Provided data ->
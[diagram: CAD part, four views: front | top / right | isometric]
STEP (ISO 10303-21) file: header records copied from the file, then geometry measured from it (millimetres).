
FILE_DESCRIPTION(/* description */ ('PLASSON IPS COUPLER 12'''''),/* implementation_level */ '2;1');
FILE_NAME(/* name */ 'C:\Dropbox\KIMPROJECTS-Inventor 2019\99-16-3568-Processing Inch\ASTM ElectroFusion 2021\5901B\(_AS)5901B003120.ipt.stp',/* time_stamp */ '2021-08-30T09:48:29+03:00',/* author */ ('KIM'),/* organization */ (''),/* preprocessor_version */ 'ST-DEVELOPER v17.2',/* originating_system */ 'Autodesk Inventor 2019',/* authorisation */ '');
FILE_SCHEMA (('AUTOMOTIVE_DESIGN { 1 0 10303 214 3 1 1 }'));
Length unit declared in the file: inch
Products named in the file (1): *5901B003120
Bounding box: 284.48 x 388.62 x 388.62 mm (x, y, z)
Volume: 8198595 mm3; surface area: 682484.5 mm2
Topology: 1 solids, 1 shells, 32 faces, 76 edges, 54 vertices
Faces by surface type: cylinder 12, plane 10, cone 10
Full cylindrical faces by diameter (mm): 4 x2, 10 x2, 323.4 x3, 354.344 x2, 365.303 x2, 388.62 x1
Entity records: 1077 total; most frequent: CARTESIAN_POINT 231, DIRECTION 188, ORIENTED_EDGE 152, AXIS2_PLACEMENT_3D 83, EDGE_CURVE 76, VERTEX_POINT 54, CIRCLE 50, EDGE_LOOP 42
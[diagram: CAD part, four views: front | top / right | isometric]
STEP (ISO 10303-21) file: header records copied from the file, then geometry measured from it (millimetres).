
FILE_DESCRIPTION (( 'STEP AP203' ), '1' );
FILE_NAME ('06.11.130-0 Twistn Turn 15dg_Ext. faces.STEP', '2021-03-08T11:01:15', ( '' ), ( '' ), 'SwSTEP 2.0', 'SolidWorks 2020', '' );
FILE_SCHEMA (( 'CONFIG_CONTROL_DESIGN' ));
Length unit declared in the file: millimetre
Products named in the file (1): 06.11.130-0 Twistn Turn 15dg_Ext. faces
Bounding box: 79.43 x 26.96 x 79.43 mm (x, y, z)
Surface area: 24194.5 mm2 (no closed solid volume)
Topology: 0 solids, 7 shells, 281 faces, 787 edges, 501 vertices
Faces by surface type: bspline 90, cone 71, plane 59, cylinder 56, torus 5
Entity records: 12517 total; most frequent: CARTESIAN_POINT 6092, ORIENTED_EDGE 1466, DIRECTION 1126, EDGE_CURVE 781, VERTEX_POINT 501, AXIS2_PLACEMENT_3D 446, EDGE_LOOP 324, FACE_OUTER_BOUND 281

What the exercise asks ->
Output only the count of lines in the data containing "STEP".

Worked solution ->
4